In my groups course at university, we’ve spent a while on the orthogonal group, leading up the the conclusion that $$ \mathrm{O}_n = \mathrm{SO}_n \mathbin{\dot{\cup}} \begin{pmatrix} -1 & & & \\ & 1 & & \\ & & \ddots & \\ & & & 1 \end{pmatrix} \mathrm{SO}_n \,. $$ The proof given was just “because cosets partition”.
I just want to know: Is this true because of a specific choice of matrix or will any matrix in $\mathrm{O}_n \setminus \mathrm{SO}_n$ do? How do we know there arent any other cosets? (I.e., that this expression covers everything in $\mathrm{O}_n$).
The subgroup $\mathrm{SO}(n)$ of $\mathrm{O}(n)$ has index $2$. Indeed, $\mathrm{SO}(n)$ is the kernel of the surjective group homomorphism $$ \det \colon \mathrm{O}(n) \longrightarrow \{ 1, -1 \} \,, $$ so $$ [\mathrm{O}(n) : \mathrm{SO}(n)] = | \mathrm{O}(n) / \mathrm{SO}(n) | = | \{1, -1\} | = 2 \,. $$
Let more generally $G$ be a group and $H$ a subgroup of $G$ of index $2$. The group $G$ is the disjoint union of the left cosets with respect to $H$, and there are precisely $2$ such cosests. (Because the number of cosets is given by $[G : H] = 2$.) One of these cosets is $H$ itself, whence $$ G = H \mathbin{\dot{\cup}} gH $$ for every element $g$ of $G$ with $gH ≠ H$. We have $gH = H$ if and only if $g ∈ H$, so any element $g$ of $G$ with $g ∉ H$ does the trick.

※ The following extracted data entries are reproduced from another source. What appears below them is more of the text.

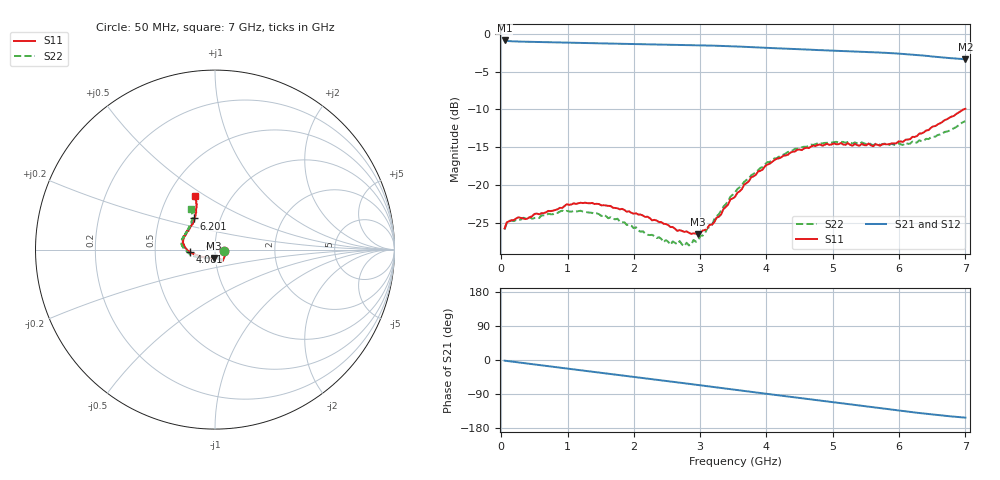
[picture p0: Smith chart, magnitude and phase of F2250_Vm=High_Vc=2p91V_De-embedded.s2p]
! Integrated Device Technology
! Corporate Headquarters
! 6024 Silver Creek Valley Road
! San Jose, CA 95138  USA
! Phone:  1-408-284-8200
! Toll Free:  1-800-223-1366
! Webpage:  http://www.idt.com/
! Timing and RF Division
! 515 Groton Road, Suite 102
! Westford, MA 01886-6024
! Device:  F2250
! Description: Voltage Variable RF Attenuator
! Frequency:  50.0 -  6000.00 MHz
! Package:  3x3 mm Thin QFN Plastic Package: 16 pin
! Ports:  2 RF, 3 DC
!  Pin  1  = GND
!  Pin  2  = NC
!  Pin  3  = RF1  = Port 1
!  Pin  4  = NC
!  Pin  5  = GND
!  Pin  6  = GND
!  Pin  7  = GND
!  Pin  8  = GND
!  Pin  9  = NC
!  Pin 10  = RF2  = Port 2
!  Pin 11  = NC
!  Pin 12  = GND
!  Pin 13  = GND
!  Pin 14  = VCNTRL
!  Pin 15  = VDD
!  Pin 16  = VMODE
! Vcntrl:  2.910 Volts
! Vmode:  +3.300 Volts
! Vdd:  +3.30  Volts
! Current:  1.315 mA
! Data:  The device was measured on a the F2250 evaluation board which has
!  individual transmission lines to the RF pins.  Data was collected
!  using a calibrated network analyzer.  The evaluation board was
!  de-embedded using a TRL calibration technique.
!  The reference plane is the edge of the package pin.
! Misc:  SN 10
!  Action Tracker AT0258
! Date Measured:  2014-11-26
! Date:  2015-10-15  MJV
! Note:
!  Integrated Device Technology supplies this data as a sample of measured
!  data at the package pin for this product.  Your particular data for this
!  product may vary.
!  Data was taken at 25 degrees C.
!  Integrated Device Technology reserves the right to change this data at anytime.
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# GHz S dB R 50
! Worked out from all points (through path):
!   201 points, 50 MHz to 7 GHz, reference 50 ohm
!   highest |S21| = -0.89 dB at 50 MHz (marker M1); lowest = -3.4 dB at 7 GHz (marker M2)
!   group delay of S21, straight-line fit = 61.2 ps
!   lowest |S11| = -26.5 dB at 2.969 GHz (marker M3), VSWR 1.10, Z = 49.1 - j4.62 ohm
!   |S11| at or under -10 dB: start of sweep to 6.967 GHz
!   |S22| runs from -28.0 to -11.5 dB; largest |S21 - S12| = 0.002
!   S11 on the Smith chart (normalised r, x): 50 MHz: 1.11, -0.02; 4.081 GHz: 0.75, -0.02; 6.201 GHz: 0.75, +0.27; 7 GHz: 0.68, +0.45
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0.05  -25.69 -10.8  -0.89 -1.8  -0.89 -1.8  -25.85 -11.0
0.1195  -24.76 -10.1  -0.99 -3.2  -0.98 -3.2  -24.69 -8.8
0.57125  -23.84 -31.3  -1.10 -13.3  -1.10 -13.3  -24.33 -31.4
0.91875  -23.00 -50.1  -1.17 -21.0  -1.17 -21.1  -23.35 -51.0
1.2315  -22.36 -57.9  -1.24 -27.9  -1.24 -27.9  -23.47 -61.5
1.75275  -23.04 -64.9  -1.33 -39.1  -1.33 -39.1  -24.42 -67.8
2.37825  -24.87 -64.5  -1.42 -52.8  -1.42 -52.8  -26.86 -66.7
2.552  -25.52 -69.4  -1.44 -56.7  -1.44 -56.7  -27.85 -73.1
2.691  -25.92 -77.5  -1.47 -59.8  -1.47 -59.8  -27.36 -80.8
2.7605  -26.16 -79.8  -1.48 -61.3  -1.48 -61.3  -28.04 -85.3
2.969  -26.49 -97.8  -1.52 -66.0  -1.52 -66.0  -27.27 -104.8
3.1775  -25.20 -120.8  -1.57 -70.7  -1.57 -70.7  -25.24 -126.7
3.525  -21.54 -152.8  -1.68 -78.5  -1.68 -78.6  -20.97 -148.7
3.76825  -18.96 -164.8  -1.77 -84.0  -1.77 -84.1  -18.70 -159.6
4.081  -16.95 -175.7  -1.90 -91.0  -1.90 -91.0  -16.72 -171.4
4.4285  -15.54 176.0  -2.03 -98.6  -2.04 -98.7  -15.20 178.7
4.7065  -14.76 169.1  -2.13 -104.8  -2.13 -104.8  -14.68 173.0
5.054  -14.61 160.9  -2.26 -112.5  -2.25 -112.5  -14.27 166.0
5.85325  -14.57 135.1  -2.56 -130.0  -2.56 -130.1  -14.67 147.3
6.20075  -13.62 123.6  -2.77 -137.7  -2.77 -137.8  -14.25 138.2
6.54825  -12.18 115.6  -3.04 -144.7  -3.04 -144.9  -13.58 126.9
7  -9.91 110.7  -3.36 -152.1  -3.37 -152.2  -11.54 120.7

To explicitly answer your questions:
Yes, any matrix of $\mathrm{O}(n)$ that is not contained in $\mathrm{SO}(n)$ will do the trick.
There are only two cosets because $\mathrm{SO}(n)$ has index $2$ in $\mathrm{O}(n)$. This in turn is true because $\mathrm{SO}(n)$ is the kernel of a surjective homomorphism from $\mathrm{O}(n)$ into a group of order $2$.